Content starts
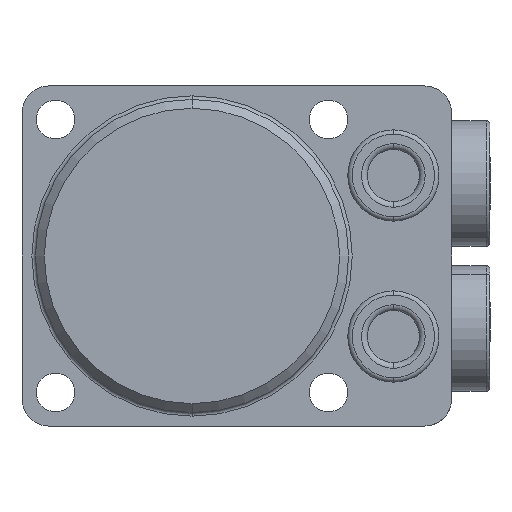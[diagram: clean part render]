
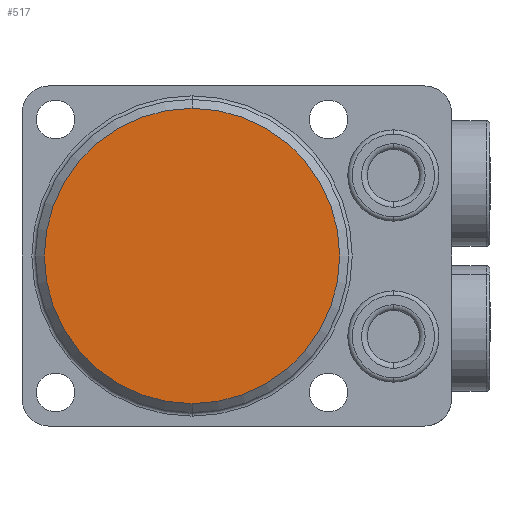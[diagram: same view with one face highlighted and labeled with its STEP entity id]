
A CAD part, front view. The second image highlights one B-rep face of the part: STEP entity #517.
In plain terms, the highlighted planar face has unit normal (0, -1, 0).
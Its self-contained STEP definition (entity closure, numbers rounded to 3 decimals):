
#234=PLANE('',#3276);
#517=ADVANCED_FACE('',(#725),#234,.F.);
#725=FACE_OUTER_BOUND('',#913,.T.);
#913=EDGE_LOOP('',(#1907,#1908));
#1907=ORIENTED_EDGE('',*,*,#2740,.T.);
#1908=ORIENTED_EDGE('',*,*,#2682,.T.);
#2331=VERTEX_POINT('',#5111);
#2332=VERTEX_POINT('',#5112);
#2682=EDGE_CURVE('',#2331,#2332,#2931,.T.);
#2740=EDGE_CURVE('',#2332,#2331,#2953,.T.);
#2931=CIRCLE('',#3240,16.5);
#2953=CIRCLE('',#3275,16.5);
#3240=AXIS2_PLACEMENT_3D('',#5110,#4000,#4001);
#3275=AXIS2_PLACEMENT_3D('',#5244,#4101,#4102);
#3276=AXIS2_PLACEMENT_3D('',#5245,#4103,#4104);
#4000=DIRECTION('',(0.,-1.,0.));
#4001=DIRECTION('',(0.,0.,1.));
#4101=DIRECTION('',(0.,-1.,0.));
#4102=DIRECTION('',(0.,0.,1.));
#4103=DIRECTION('',(0.,1.,0.));
#4104=DIRECTION('',(0.,0.,1.));
#5110=CARTESIAN_POINT('',(0.,0.,0.));
#5111=CARTESIAN_POINT('',(0.,0.,-16.5));
#5112=CARTESIAN_POINT('',(0.,0.,16.5));
#5244=CARTESIAN_POINT('',(0.,0.,0.));
#5245=CARTESIAN_POINT('',(-19.,0.,19.));
Content ends
Exactly as written, restate the lines above from the opening line through the one holding "#2682=EDGE_CURVE('',#2331,#2332,#2931,.T.);", omitting the pictures.

[diagram: clean part render]
[diagram: same view with one face highlighted and labeled with its STEP entity id]
A CAD part, front view. The second image highlights one B-rep face of the part: STEP entity #517.
In plain terms, the highlighted planar face has unit normal (0, -1, 0).
Its self-contained STEP definition (entity closure, numbers rounded to 3 decimals):
#234=PLANE('',#3276);
#517=ADVANCED_FACE('',(#725),#234,.F.);
#725=FACE_OUTER_BOUND('',#913,.T.);
#913=EDGE_LOOP('',(#1907,#1908));
#1907=ORIENTED_EDGE('',*,*,#2740,.T.);
#1908=ORIENTED_EDGE('',*,*,#2682,.T.);
#2331=VERTEX_POINT('',#5111);
#2332=VERTEX_POINT('',#5112);
#2682=EDGE_CURVE('',#2331,#2332,#2931,.T.);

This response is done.